Some applications can probably tolerate this. But is it something we want to deal with?
Then I'm not sure what's the point of so many speedup options like it has now.
Hallvard Breien Furuseth wrote:
Howard Chu writes:
Setting the latest commit becomes atomic: Just change metapos. (Field MDB_txninfo.mti_txnid goes away.)
The latest commit is already atomic. mti_txnid is updated atomically in the current code.
No sync issues with copying 'MDB_db's from the meta, since the meta will not be overwritten during the txn.
There are no sync issues in the current code.
I may have been thinking of the same thing with these two, but maybe I'm out of date.
OK, preserving consistency is potentially a win vs what we have now. But it's also more of a crapshoot - you're only providing ACI, not D, and the application won't hear about the loss of D until long after the fact.
Some applications can probably tolerate this. But is it something we want to deal with?
Then I'm not sure what's the point of so many speedup options like it has now.
MDB_NOSYNC is perfectly safe on some filesystems like ZFS that guarantee write order.
Some apps want the ability to return immediately from txn_commit while performing syncs in a background thread. MAPASYNC lets us do that. What you're talking about may also do that. I just want to be clear about the motivation and the expected benefit.
Using variably positioned meta pages seems like something we would try to cut down on seek overhead, but looking closer it doesn't appear that it can do that.
Howard Chu writes:
Hallvard Breien Furuseth wrote:
Then I'm not sure what's the point of so many speedup options like it has now.
MDB_NOSYNC is perfectly safe on some filesystems like ZFS that guarantee write order.
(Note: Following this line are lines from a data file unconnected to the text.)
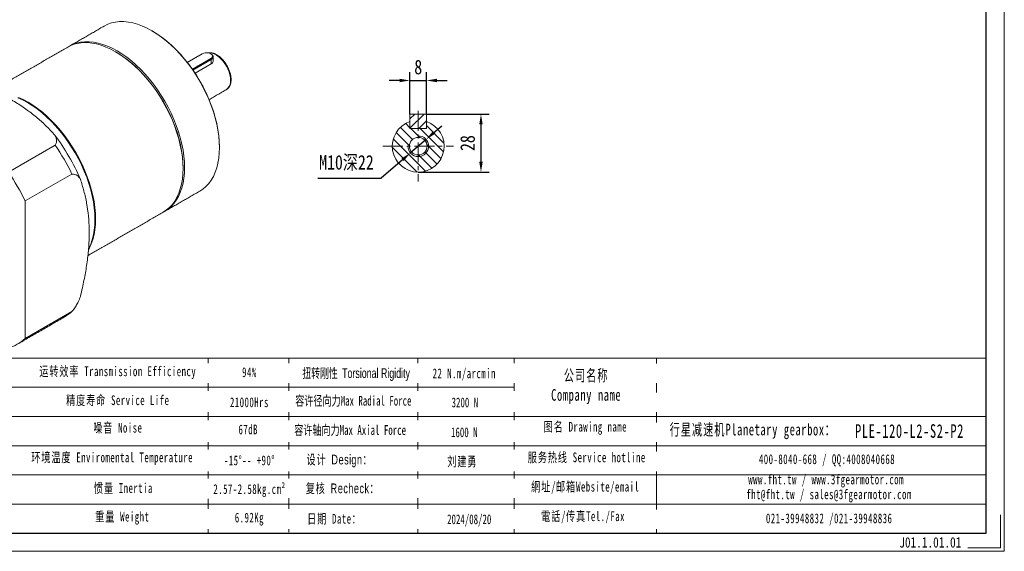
# Model space of a CAD drawing. Header units: millimetres. Extents: x 69 to 808, y 52 to 575.
# Tile 2 of 3: x 334 to 808, y 52 to 309. Entities that reach past the tile are written whole.
import ezdxf

# ---------------------------------------------------------------- set-up
doc = ezdxf.new("R2010")
doc.units = ezdxf.units.MM
doc.header["$LTSCALE"] = 1.5
doc.header["$PDSIZE"] = -1
doc.linetypes.add('CENTER', pattern=[10.16, 6.35, -1.27, 1.27, -1.27])
doc.layers.get('0').update_dxf_attribs({"lineweight": 18})
doc.layers.get('Defpoints').update_dxf_attribs({"lineweight": 18})
for name, color, linetype, lineweight in [('3中心线层', 1, 'CENTER', 18), ('5剖面线层', 2, 'Continuous', 18), ('6文字层', 3, 'Continuous', 18), ('7标注层', 4, 'Continuous', 18), ('SLD-0', 7, 'Continuous', 18)]:
    doc.layers.add(name, color=color, linetype=linetype, lineweight=lineweight)
doc.styles.add('TH_GBDIM', font='txt', dxfattribs={"width": 0.8})
doc.styles.add('标准', font='txt', dxfattribs={"width": 0.667})
doc.styles.add('样式 1', font='txt', dxfattribs={"width": 0.8})
doc.dimstyles.new('TH_GBDIM', dxfattribs={"dimscale": 2, "dimtxt": 3.5, "dimasz": 2.5, "dimexe": 2, "dimexo": 0, "dimgap": 1.5, "dimtad": 1, "dimdec": 1, "dimdsep": 46, "dimtxsty": 'TH_GBDIM', "dimcen": 2.5, "dimdle": 5, "dimclrd": 4, "dimclre": 4, "dimclrt": 3, "dimadec": 0, "dimazin": 2, "dimtfac": 0.714286, "dimtdec": 1, "dimtmove": 0, "dimatfit": 3, "dimfxl": 1, "dimtolj": 1, "dimarcsym": 0})

# ---------------------------------------------------------------- blocks, each defined once
blk = doc.blocks.new('*D57')
at = {"layer": '7标注层', "color": 4, "lineweight": -2}
for p, q in [((533.41, 254.51), (537.19, 257.79)), ((529.63, 251.24), (522.07, 244.7)), ((518.29, 241.43), (507.97, 232.5)), ((477.5, 232.5), (507.97, 232.5))]:
    blk.add_line(p, q, dxfattribs=at)
at = {"layer": '7标注层', "color": 4}
for points in [[(532.86, 255.14), (533.95, 253.88), (529.63, 251.24)], [(518.83, 240.8), (517.74, 242.06), (522.07, 244.7)]]:
    blk.add_solid(points, dxfattribs=at)
at = {"layer": 'Defpoints', "color": 0}
for p in [(529.63, 251.24), (522.07, 244.7)]:
    blk.add_point(p, dxfattribs=at)
at = {"layer": '7标注层', "color": 3, "insert": (491.24, 239.82), "char_height": 7, "attachment_point": 5, "style": 'TH_GBDIM'}
blk.add_mtext('\\A1;{M10深22}{}{}', dxfattribs=at)
blk = doc.blocks.new('*D58')
at = {"layer": '7标注层', "color": 4, "lineweight": -2}
for p, q in [((529.85, 263.47), (560.08, 263.47)), ((556.08, 258.47), (556.08, 240.47)), ((525.85, 235.47), (560.08, 235.47))]:
    blk.add_line(p, q, dxfattribs=at)
at = {"layer": '7标注层', "color": 4}
for points in [[(556.92, 258.47), (555.25, 258.47), (556.08, 263.47)], [(555.25, 240.47), (556.92, 240.47), (556.08, 235.47)]]:
    blk.add_solid(points, dxfattribs=at)
at = {"layer": 'Defpoints', "color": 0}
for p in [(529.85, 263.47), (525.85, 235.47), (556.08, 235.47)]:
    blk.add_point(p, dxfattribs=at)
at = {"layer": '7标注层', "color": 3, "insert": (549.66, 249.47), "char_height": 7, "attachment_point": 5, "rotation": 90, "style": 'TH_GBDIM'}
blk.add_mtext('\\A1;28', dxfattribs=at)
blk = doc.blocks.new('*D59')
at = {"layer": '7标注层', "color": 4, "lineweight": -2}
for p, q in [((521.85, 263.47), (521.85, 283.68)), ((529.85, 263.47), (529.85, 283.68)), ((516.85, 279.68), (511.85, 279.68)), ((521.85, 279.68), (529.85, 279.68)), ((534.85, 279.68), (539.85, 279.68))]:
    blk.add_line(p, q, dxfattribs=at)
at = {"layer": '7标注层', "color": 4}
for points in [[(516.85, 278.84), (516.85, 280.51), (521.85, 279.68)], [(534.85, 280.51), (534.85, 278.84), (529.85, 279.68)]]:
    blk.add_solid(points, dxfattribs=at)
at = {"layer": 'Defpoints', "color": 0}
for p in [(529.85, 279.68), (521.85, 263.47), (529.85, 263.47)]:
    blk.add_point(p, dxfattribs=at)
at = {"layer": '7标注层', "color": 3, "insert": (525.85, 286.1), "char_height": 7, "attachment_point": 5, "style": 'TH_GBDIM'}
blk.add_mtext('\\A1;8', dxfattribs=at)

msp = doc.modelspace()

# ---------------------------------------------------------------- hatches: boundary and pattern name
at = {"layer": '5剖面线层'}
h = msp.add_hatch(dxfattribs=at)
h.set_pattern_fill('ANSI31', color=256, style=0)
h.set_pattern_definition([(45, (19.0675, 14.3187), (-2.245064, 2.245064), [])])
h.paths.add_polyline_path([(529.847406, 259.812227), (529.847406, 263.469508), (525.847406, 263.469508), (525.847406, 256.469508), (529.447406, 256.469508), (529.847406, 256.869508)])
h.paths.add_polyline_path([(525.847406, 263.469508), (521.847406, 263.469508), (521.847406, 256.869508), (522.247406, 256.469508), (525.847406, 256.469508)])
h = msp.add_hatch(dxfattribs=at)
h.set_pattern_fill('ANSI31', color=256, angle=90, style=0)
h.set_pattern_definition([(135, (19.0675, 14.3187), (-2.245064, -2.245064), [])])
h.paths.add_polyline_path([(521.847406, 259.812227), (521.847406, 256.469508), (529.847406, 256.469508), (529.847406, 259.812227, -6.0856798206)])
h.paths.add_polyline_path([(530.097406, 247.969508, 1), (521.597406, 247.969508, 1)], flags=16)

# ---------------------------------------------------------------- linework, layer by layer
at = {"color": 7, "linetype": 'Continuous', "lineweight": 15}
for p, q in [((421.775084, 292.578198), (414.540363, 288.401683)), ((416.975986, 285.105227), (425.84802, 290.226943)), ((426.074294, 289.835025), (417.234865, 284.732131)), ((425.84802, 290.226943), (426.074294, 289.835025)), ((426.074294, 289.835025), (426.074294, 287.707263)), ((426.074294, 287.707263), (418.265224, 283.199183)), ((529.847406, 263.469508), (521.847406, 263.469508)), ((521.847406, 263.469508), (521.847406, 256.869508)), ((529.847406, 256.869508), (529.847406, 263.469508)), ((521.847406, 256.469508), (521.847406, 259.812227)), ((522.247406, 256.469508), (521.847406, 256.869508)), ((521.847406, 256.469508), (529.847406, 256.469508)), ((529.447406, 256.469508), (522.247406, 256.469508)), ((529.847406, 256.869508), (529.447406, 256.469508)), ((529.847406, 259.812227), (529.847406, 256.469508)), ((350.884666, 248.455043), (328.347437, 235.444578)), ((336.376774, 221.53736), (358.914003, 234.547825)), ((336.376774, 155.161081), (336.376774, 221.53736)), ((358.914003, 168.171546), (336.376774, 155.161081))]:
    msp.add_line(p, q, dxfattribs=at)
at = {"color": 7, "linetype": 'Continuous', "lineweight": 15, "flags": 128}
for points in [[(430.034091, 247.314887), (429.951218, 250.042291), (429.703015, 252.851483), (429.290751, 255.728147), (428.716522, 258.657626), (427.983259, 261.624988), (427.094698, 264.615114), (426.055365, 267.612769), (424.870559, 270.602674), (423.546313, 273.569596), (422.089381, 276.498414), (420.50718, 279.374207), (418.807777, 282.182317), (416.999831, 284.908436), (415.092555, 287.538673), (413.095669, 290.059622), (411.019347, 292.45844), (408.874171, 294.722904), (406.671069, 296.841469), (404.421272, 298.803346), (402.136242, 300.598535), (399.827623, 302.217886), (397.50718, 303.653151), (395.186736, 304.897012), (392.878117, 305.943137), (390.593087, 306.786188), (388.343289, 307.421871), (386.140189, 307.846952), (383.995012, 308.059257), (381.91869, 308.057709), (379.921803, 307.842315), (378.014528, 307.414172), (376.206582, 306.775463), (374.509049, 305.930522)], [(397.795263, 303.486791), (400.090288, 302.067034), (402.378832, 300.461762), (404.643993, 298.682185), (406.874227, 296.737369), (409.058169, 294.637223), (411.184693, 292.392453), (413.24296, 290.014492), (415.222483, 287.515464), (417.113174, 284.9081), (418.905397, 282.205686), (420.590023, 279.421995), (422.158464, 276.571209), (423.602731, 273.667858), (424.915462, 270.726734), (426.089964, 267.76283), (427.12026, 264.791241), (428.001096, 261.827114), (428.727981, 258.885556), (429.297213, 255.981553), (429.705894, 253.129903), (429.951939, 250.345138), (430.034091, 247.641451)], [(402.969061, 216.130565), (402.970931, 216.131644), (404.553132, 217.180667), (406.010064, 218.427345), (407.33431, 219.865326), (408.519116, 221.487283), (409.558449, 223.284949), (410.44701, 225.249164), (411.180273, 227.369921), (411.754502, 229.636408), (412.166766, 232.037082), (412.414969, 234.559705), (412.497842, 237.191426), (412.414969, 239.91883), (412.166766, 242.728022), (411.754502, 245.604686), (411.180273, 248.534165), (410.44701, 251.501527), (409.558449, 254.491653), (408.519116, 257.489308), (407.33431, 260.479213), (406.010064, 263.446135), (404.553132, 266.374953), (402.970931, 269.250746), (401.271528, 272.058856), (399.463582, 274.784975), (397.556306, 277.415212), (395.55942, 279.936161), (393.483098, 282.334979), (391.337922, 284.599443), (389.13482, 286.718008), (386.885023, 288.679885), (384.599993, 290.475074), (382.291374, 292.094425), (379.970931, 293.52969), (377.650488, 294.773551), (375.341868, 295.819676), (373.056838, 296.662726), (370.807041, 297.29841), (368.60394, 297.723491), (366.458763, 297.935796), (364.382441, 297.934248), (362.385554, 297.718854), (360.478279, 297.290711), (358.670333, 296.652002), (356.9728, 295.80706)], [(357.343434, 296.014236), (357.706323, 296.230514), (359.405725, 297.076535), (361.213671, 297.715244), (363.120946, 298.143387), (365.117833, 298.35878), (367.194155, 298.360328), (369.339332, 298.148024), (371.542432, 297.722943), (373.79223, 297.087259), (376.07726, 296.244209), (378.385879, 295.198084), (380.706323, 293.954222), (383.026766, 292.518957), (385.335385, 290.899607), (387.620415, 289.104418), (389.870212, 287.142541), (392.073314, 285.023975), (394.21849, 282.759512), (396.294812, 280.360693), (398.291698, 277.839744), (400.198974, 275.209508), (402.006919, 272.483389), (403.706323, 269.675279), (405.288524, 266.799486), (406.745456, 263.870668), (408.069701, 260.903745), (409.254508, 257.913841), (410.293841, 254.916186), (411.182402, 251.92606), (411.915665, 248.958697), (412.489894, 246.029218), (412.902158, 243.152555), (413.150361, 240.343363), (413.233234, 237.615959), (413.150361, 234.984238), (412.902158, 232.461615), (412.489894, 230.060941), (411.915665, 227.794454), (411.182402, 225.673697), (410.293841, 223.709482), (409.254508, 221.911815), (408.069701, 220.289858), (406.745456, 218.851878), (405.288524, 217.6052), (403.706323, 216.556177), (403.333818, 216.347923)], [(380.259014, 293.36333), (382.554039, 291.943573), (384.842583, 290.338301), (387.107744, 288.558724), (389.337978, 286.613908), (391.52192, 284.513762), (393.648444, 282.268992), (395.706711, 279.891031), (397.686234, 277.392003), (399.576925, 274.784639), (401.369148, 272.082225), (403.053774, 269.298534), (404.622215, 266.447748), (406.066482, 263.544397), (407.379213, 260.603273), (408.553715, 257.639369), (409.584011, 254.667779), (410.464847, 251.703653), (411.191732, 248.762095), (411.760964, 245.858092), (412.169645, 243.006442), (412.41569, 240.221677), (412.497842, 237.51799)], [(425.84802, 290.226943), (426.339266, 290.605775), (426.625736, 291.049162), (426.684214, 291.521178), (426.509966, 291.983585), (426.117108, 292.398921), (425.537469, 292.733539), (424.818008, 292.960331), (424.017009, 293.060923), (423.199364, 293.027164), (422.431313, 292.861788), (421.775084, 292.578198)], [(435.408105, 279.80793), (435.325234, 281.102214), (435.078567, 282.46184), (434.673884, 283.85494), (434.120671, 285.248862), (433.431893, 286.610932), (432.623698, 287.909225), (431.715025, 289.113311), (430.727177, 290.194965), (429.683305, 291.128836), (428.607878, 291.893034), (427.526102, 292.469647), (426.463334, 292.84516), (425.444484, 293.01077), (424.673633, 292.988928)], [(426.074662, 292.447319), (426.373283, 292.248335), (426.809792, 291.78685), (427.003399, 291.273065), (426.938421, 290.748601), (426.620125, 290.255951), (426.074294, 289.835025)], [(332.879081, 271.306431), (335.1877, 270.260306), (337.508143, 269.016444), (339.828586, 267.581179), (342.137205, 265.961829), (344.422236, 264.16664), (346.672032, 262.204763), (348.875135, 260.086197), (351.02031, 257.821734), (353.096632, 255.422915), (355.093519, 252.901966), (357.000794, 250.27173), (358.80874, 247.54561), (360.508143, 244.737501), (362.090344, 241.861708), (363.547276, 238.932889), (364.871522, 235.965967), (366.056329, 232.976062), (367.095662, 229.978408), (367.984223, 226.988282), (368.717485, 224.020919), (369.291715, 221.09144), (369.703979, 218.214777), (369.952181, 215.405585), (370.035055, 212.67818), (369.952181, 210.04646), (369.703979, 207.523836), (369.291715, 205.123162), (368.717485, 202.856675), (367.984223, 200.735919), (367.095662, 198.771704), (366.977486, 198.544504)], [(333.161924, 271.469713), (335.470543, 270.423588), (337.790986, 269.179726), (340.11143, 267.744461), (342.420049, 266.125111), (344.705079, 264.329922), (346.954876, 262.368045), (349.157978, 260.249479), (351.303153, 257.985016), (353.379476, 255.586197), (355.376362, 253.065248), (357.283637, 250.435011), (359.091583, 247.708892), (360.790986, 244.900783), (362.373188, 242.02499), (363.83012, 239.096171), (365.154365, 236.129249), (366.339172, 233.139344), (367.378505, 230.14169), (368.267066, 227.151564), (369.000328, 224.184201), (369.574558, 221.254722), (369.986822, 218.378059), (370.235025, 215.568867), (370.317898, 212.841462), (370.235025, 210.209742), (369.986822, 207.687118), (369.574558, 205.286444), (369.000328, 203.019957), (368.267066, 200.899201), (367.378505, 198.934986), (366.961664, 198.161957)], [(420.50531, 226.254026), (420.50718, 226.255106), (422.089381, 227.304128), (423.546313, 228.550806), (424.870559, 229.988787), (426.055365, 231.610744), (427.094698, 233.40841), (427.983259, 235.372626), (428.716522, 237.493382), (429.290751, 239.759869), (429.703015, 242.160543), (429.951218, 244.683166), (430.034091, 247.314887)]]:
    msp.add_lwpolyline(points, dxfattribs=at)
at = {"color": 7, "linetype": 'Continuous', "lineweight": 15}
msp.add_circle((525.847406, 247.969508), 4.25, dxfattribs=at)
for centre, radius, start, end in [((430.510312, 279.266057), 4.927678, 304.99883963, 6.31330846), ((525.847406, 247.969508), 12.5, 108.66292488, 71.33707512), ((264.5534, 189.339651), 107.315978, 23.40334769, 36.59665811), ((256.436153, 184.65368), 113.978662, 25.96040246, 34.03960637), ((233.898925, 171.643215), 113.978662, 25.96040246, 34.03960637), ((344.045972, 184.642741), 22.189155, 300.00363009, 312.07157554), ((321.508958, 171.636839), 22.192399, 287.94748159, 312.06327017)]:
    msp.add_arc(centre, radius, start, end, dxfattribs=at)
at = {"color": 4}
msp.add_arc((525.847406, 247.969508), 5, 180, 90, dxfattribs=at)
at = {"color": 7, "linetype": 'Continuous', "lineweight": 15}
for points in [[(374.509049, 305.930522), (357.708192, 296.231593)], [(397.795263, 303.486791), (397.512466, 303.650099)], [(356.9728, 295.80706), (320.61967, 274.820845)], [(380.259014, 293.36333), (379.976217, 293.526638)], [(426.074662, 292.447319), (425.848352, 292.578007)], [(427.011552, 288.952523), (427.011552, 291.141278)], [(425.036423, 270.437875), (433.33663, 275.229482)], [(430.034091, 247.314887), (430.034091, 247.641451)], [(412.497842, 237.191426), (412.497842, 237.51799)], [(403.704453, 216.555098), (420.50531, 226.254026)], [(366.608112, 195.139836), (402.969061, 216.130565)], [(332.604539, 152.416607), (355.141767, 165.427072)]]:
    msp.add_open_spline(points, degree=1, dxfattribs=at)
for points, knots in [([(433.291291, 275.214482), (433.318266, 275.226094), (433.621373, 275.356571), (434.104452, 275.780954), (434.705611, 276.475675), (435.160005, 277.334159), (435.47575, 278.321272), (435.618682, 279.274372), (435.65048, 280.110796), (435.621154, 280.982696), (435.485846, 282.068136), (435.176045, 283.389932), (434.725074, 284.720526), (434.143393, 286.03302), (433.443455, 287.301317), (432.639451, 288.500002), (431.747128, 289.604882), (430.783321, 290.593415), (429.76553, 291.444767), (428.711301, 292.140629), (427.63995, 292.661212), (426.569101, 292.998358), (425.535233, 293.107445), (424.837724, 293.09867), (424.519363, 292.994266), (424.504891, 292.98952)], [0, 0, 0, 0, 0.0045533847, 0.0511640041, 0.0976349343, 0.1447178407, 0.1929019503, 0.2421159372, 0.27116304, 0.2977559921, 0.3478172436, 0.3978003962, 0.4476833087, 0.4974845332, 0.5472450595, 0.5970142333, 0.6468311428, 0.6967461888, 0.7468124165, 0.7970721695, 0.8475310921, 0.8980687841, 0.948295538, 0.9976496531, 1, 1, 1, 1]), ([(426.989281, 289.233547), (426.972486, 289.014696), (426.935836, 288.537115), (426.540636, 288.013388), (426.184589, 287.779665), (426.074294, 287.707263)], [0, 0, 0, 0, 0.3686198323, 0.8044115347, 1, 1, 1, 1]), ([(350.712275, 253.319082), (349.422453, 254.717865), (346.843144, 257.515067), (342.443267, 261.572812), (337.528045, 265.465409), (332.086771, 269.077353), (326.16443, 272.335671), (319.812638, 275.274443), (313.013976, 277.928806), (306.95144, 279.985467), (303.170212, 281.131902), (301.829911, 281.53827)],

Nice. Should tweak the doc a bit, then.
Do you mean safe without MDB_WRITEMAP - i.e. it orders write system calls correctly? Or even with MDB_WRITEMAP - notices the order of updates to mmap pages? I imagine the latter would be rather tough.
Sounds like this needs yet another mode for best performance, though: Sync after but not before writing the meta page.
Some apps want the ability to return immediately from txn_commit while performing syncs in a background thread. MAPASYNC lets us do that.
Only with MDB_WRITEMAP and if you do not care about consistency after a system crash, as mentioned in my other mail. Unless on ZFS and (MDB_NOSYNC & MDB_WRITEMAP) is safe, as above.
What you're talking about may also do that. I just want to be clear about the motivation and the expected benefit.
Using variably positioned meta pages seems like something we would try to cut down on seek overhead, but looking closer it doesn't appear that it can do that.
Right, default mode will still write the file header every time. Hm, and it'll be a bit slower since some commits will need one more page: When none of the committed pages have room for the MDB_meta.
Fewer seeks would only be a side effect of choosing fewer syncs.
Howard Chu writes:
Using variably positioned meta pages seems like something we would try to cut down on seek overhead, but looking closer it doesn't appear that it can do that.
Could some commits choose where the next commit's MDB_meta should go? Maybe peel a page off the freelist on behalf of the next commit. Then the current commit's MDB_meta includes a reference to that page and a check bit which is equal to some bit in the chosen page's MDB_meta. Instead of updating the file header, next commit toggles that bit in its own MDB_meta to show that it is in use.
mdb_page_alloc() cannot reuse free pages younger than the current chain. mdb_env_pick_meta() must walk this chain of forward references, so such a chain should be short.